0.05625 m^3 of H2O(s) is added to a thermally isolated system of 20 L of H2O (l). If the ice was initially at 0 C and the liquid water was initially at 95 C, what is the final state and temperature?
3. The attempt at a solution
I missed class for this so I’m going by what I remember as my book doesn’t exactly cover this from what I can tell.
I looked up the density for solid water at 0 C and converted the volume to mass, there are 51.4 kg H2O (s)
I looked up the density for liquid water at 95 C and converted the volume to mass, there are 19.2 kg H2O (l)
Ice is going to gain energy as it goes from a phase change of solid to liquid. The liquid mass that was once ice is then going to gain energy as it reaches thermal equilibrium with the liquid water originally at 95 C. The source of the heat is going to be the liquid water. Since heat in = heat out,
q (phase change) + q (temp. raise) = q (temp. lower)
I calculated q (phase change) by looking up the heat of fusion of H2O which is 334 J/g.
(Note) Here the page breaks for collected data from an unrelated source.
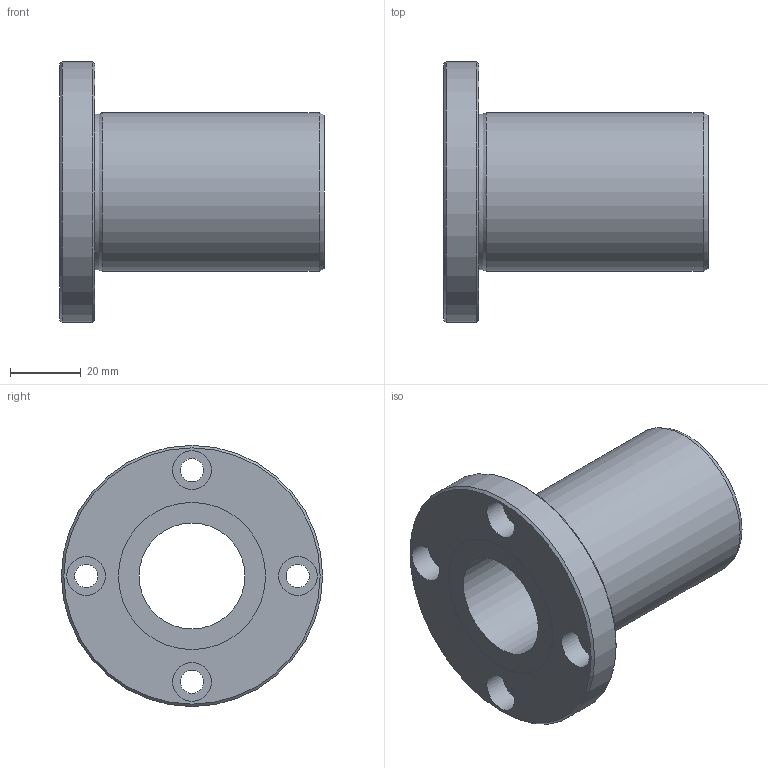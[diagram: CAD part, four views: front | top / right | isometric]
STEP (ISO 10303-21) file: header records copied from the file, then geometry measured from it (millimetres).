
FILE_DESCRIPTION((''),'2;1');
FILE_NAME('D:\製品 (図面)\カタログ用3D\メンテナンスフリー関連\STEP形式\LF-MF\LF30MF.stp','2010-06-01T16:05:41',('Tsuchiya'),(''),'Autodesk Inventor 10','Autodesk Inventor 10','');
FILE_SCHEMA(('AUTOMOTIVE_DESIGN { 1 0 10303 214 1 1 1 1 }'));
Length unit declared in the file: millimetre
Products named in the file (1): LF30MF
Bounding box: 75 x 74 x 74 mm (x, y, z)
Volume: 90002.5 mm3; surface area: 26486.7 mm2
Topology: 1 solids, 1 shells, 26 faces, 47 edges, 30 vertices
Faces by surface type: cylinder 13, plane 9, cone 2, torus 1, bspline 1
Full cylindrical faces by diameter (mm): 6.6 x4, 11 x4, 30 x1, 41.7 x2, 45 x1, 74 x1
Entity records: 665 total; most frequent: CARTESIAN_POINT 149, DIRECTION 112, ORIENTED_EDGE 60, EDGE_LOOP 60, AXIS2_PLACEMENT_3D 56, FACE_BOUND 34, VERTEX_POINT 30, CIRCLE 30
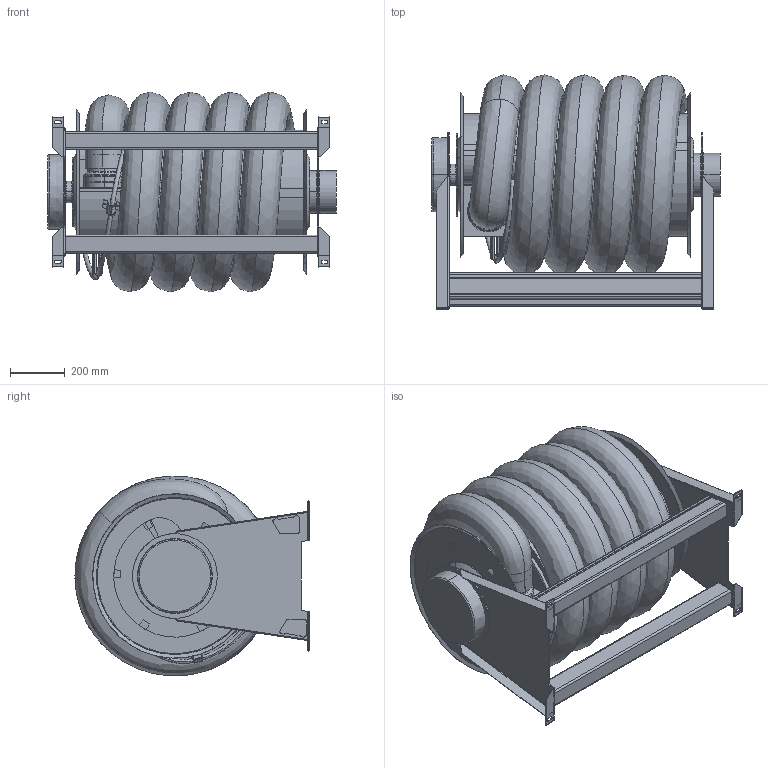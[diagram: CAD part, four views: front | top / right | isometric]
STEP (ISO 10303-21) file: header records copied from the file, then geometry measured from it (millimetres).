
FILE_DESCRIPTION((''),'2;1');
FILE_NAME('ASE_85_125-10_SW0001','2016-12-15T',('Martin Eriksson'),(''),'CREO PARAMETRIC BY PTC INC, 2016130','CREO PARAMETRIC BY PTC INC, 2016130','');
FILE_SCHEMA(('AUTOMOTIVE_DESIGN { 1 0 10303 214 1 1 1 1 }'));
Length unit declared in the file: millimetre
Products named in the file (1): ASE_85_125-10_SW0001
Bounding box: 1053.5 x 855 x 729.8 mm (x, y, z)
Surface area: 8607322.1 mm2 (no closed solid volume)
Topology: 0 solids, 30 shells, 446 faces, 1364 edges, 931 vertices
Faces by surface type: plane 210, cylinder 130, torus 48, bspline 29, cone 29
Entity records: 28450 total; most frequent: CARTESIAN_POINT 13728, DIRECTION 2620, ORIENTED_EDGE 2142, EDGE_CURVE 1364, VERTEX_POINT 931, AXIS2_PLACEMENT_3D 889, VECTOR 842, LINE 842
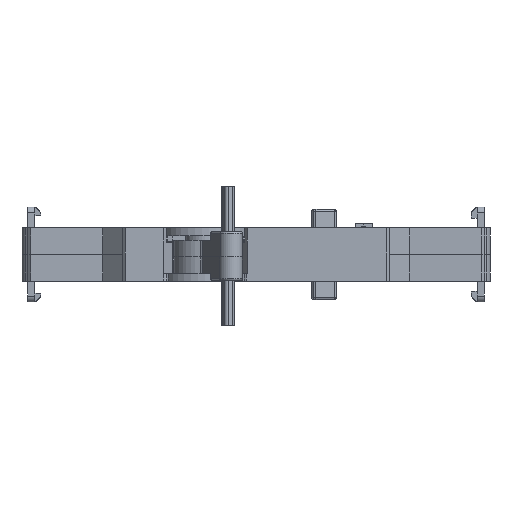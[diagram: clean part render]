
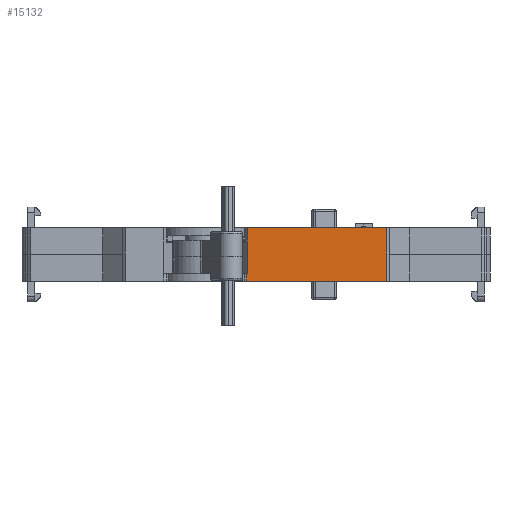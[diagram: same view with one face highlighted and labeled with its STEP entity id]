
A CAD part, front view. The second image highlights one B-rep face of the part: STEP entity #15132.
In plain terms, the highlighted planar face has unit normal (0, -1, 0).
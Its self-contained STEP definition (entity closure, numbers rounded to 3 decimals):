
#10414=DIRECTION('',(-1.,0.,0.));
#10415=VECTOR('',#10414,23.558);
#10416=CARTESIAN_POINT('',(109.302,-78.001,-9.));
#10417=LINE('',#10416,#10415);
#10418=DIRECTION('',(1.,0.,0.));
#10419=VECTOR('',#10418,0.11);
#10420=CARTESIAN_POINT('',(85.743,-78.001,-7.7));
#10421=LINE('',#10420,#10419);
#10422=DIRECTION('',(0.,0.,1.));
#10423=VECTOR('',#10422,7.7);
#10424=CARTESIAN_POINT('',(85.853,-78.001,-7.7));
#10425=LINE('',#10424,#10423);
#10426=DIRECTION('',(1.,0.,0.));
#10427=VECTOR('',#10426,23.449);
#10428=CARTESIAN_POINT('',(85.853,-78.001,
0.));
#10429=LINE('',#10428,#10427);
#10904=DIRECTION('',(0.,0.,1.));
#10905=VECTOR('',#10904,9.);
#10906=CARTESIAN_POINT('',(109.302,-78.001,-9.));
#10907=LINE('',#10906,#10905);
#11897=DIRECTION('',(0.,0.,-1.));
#11898=VECTOR('',#11897,1.3);
#11899=CARTESIAN_POINT('',(85.743,-78.001,-7.7));
#11900=LINE('',#11899,#11898);
#13444=CARTESIAN_POINT('',(85.743,-78.001,-9.));
#13445=VERTEX_POINT('',#13444);
#13446=CARTESIAN_POINT('',(109.302,-78.001,-9.));
#13447=VERTEX_POINT('',#13446);
#13558=CARTESIAN_POINT('',(85.853,-78.001,-7.7));
#13559=VERTEX_POINT('',#13558);
#13560=CARTESIAN_POINT('',(85.743,-78.001,-7.7));
#13561=VERTEX_POINT('',#13560);
#13792=CARTESIAN_POINT('',(85.853,-78.001,
0.));
#13793=CARTESIAN_POINT('',(109.302,-78.001,
0.));
#13794=VERTEX_POINT('',#13792);
#13795=VERTEX_POINT('',#13793);
#15115=CARTESIAN_POINT('',(85.875,-78.001,-8.));
#15116=DIRECTION('',(0.,1.,0.));
#15117=DIRECTION('',(1.,0.,0.));
#15118=AXIS2_PLACEMENT_3D('',#15115,#15116,#15117);
#15119=PLANE('',#15118);
#15121=ORIENTED_EDGE('',*,*,#15120,.T.);
#15123=ORIENTED_EDGE('',*,*,#15122,.F.);
#15124=ORIENTED_EDGE('',*,*,#14810,.T.);
#15126=ORIENTED_EDGE('',*,*,#15125,.T.);
#15127=ORIENTED_EDGE('',*,*,#15094,.T.);
#15129=ORIENTED_EDGE('',*,*,#15128,.F.);
#15130=EDGE_LOOP('',(#15121,#15123,#15124,#15126,#15127,#15129));
#15131=FACE_OUTER_BOUND('',#15130,.F.);
#14810=EDGE_CURVE('',#13561,#13559,#10421,.T.);
#15094=EDGE_CURVE('',#13794,#13795,#10429,.T.);
#15120=EDGE_CURVE('',#13447,#13445,#10417,.T.);
#15122=EDGE_CURVE('',#13561,#13445,#11900,.T.);
#15125=EDGE_CURVE('',#13559,#13794,#10425,.T.);
#15128=EDGE_CURVE('',#13447,#13795,#10907,.T.);
#15132=ADVANCED_FACE('',(#15131),#15119,.F.);

q (phase change) = (334 J/g)(51,400g)
The specific heat of water is (4.184 J/g),
q (temp. raise) = (4.184 J/g)(51,400g) Δt
q (temp. lower) = (4.184 J/g)(19,200g) Δt
Putting it all together:
(334 J/g)(51,400g) + (4.184 J/g)(51,400g) Δt = (4.184 J/g)(19,200g) Δt
But this gives a Δt of 127.4 K which doesn’t make sense considering the initial temperatures. It’s been a while since I’ve covered this topic and can’t really tell what I’m doing wrong. Would anyone be able to point me in the right direction?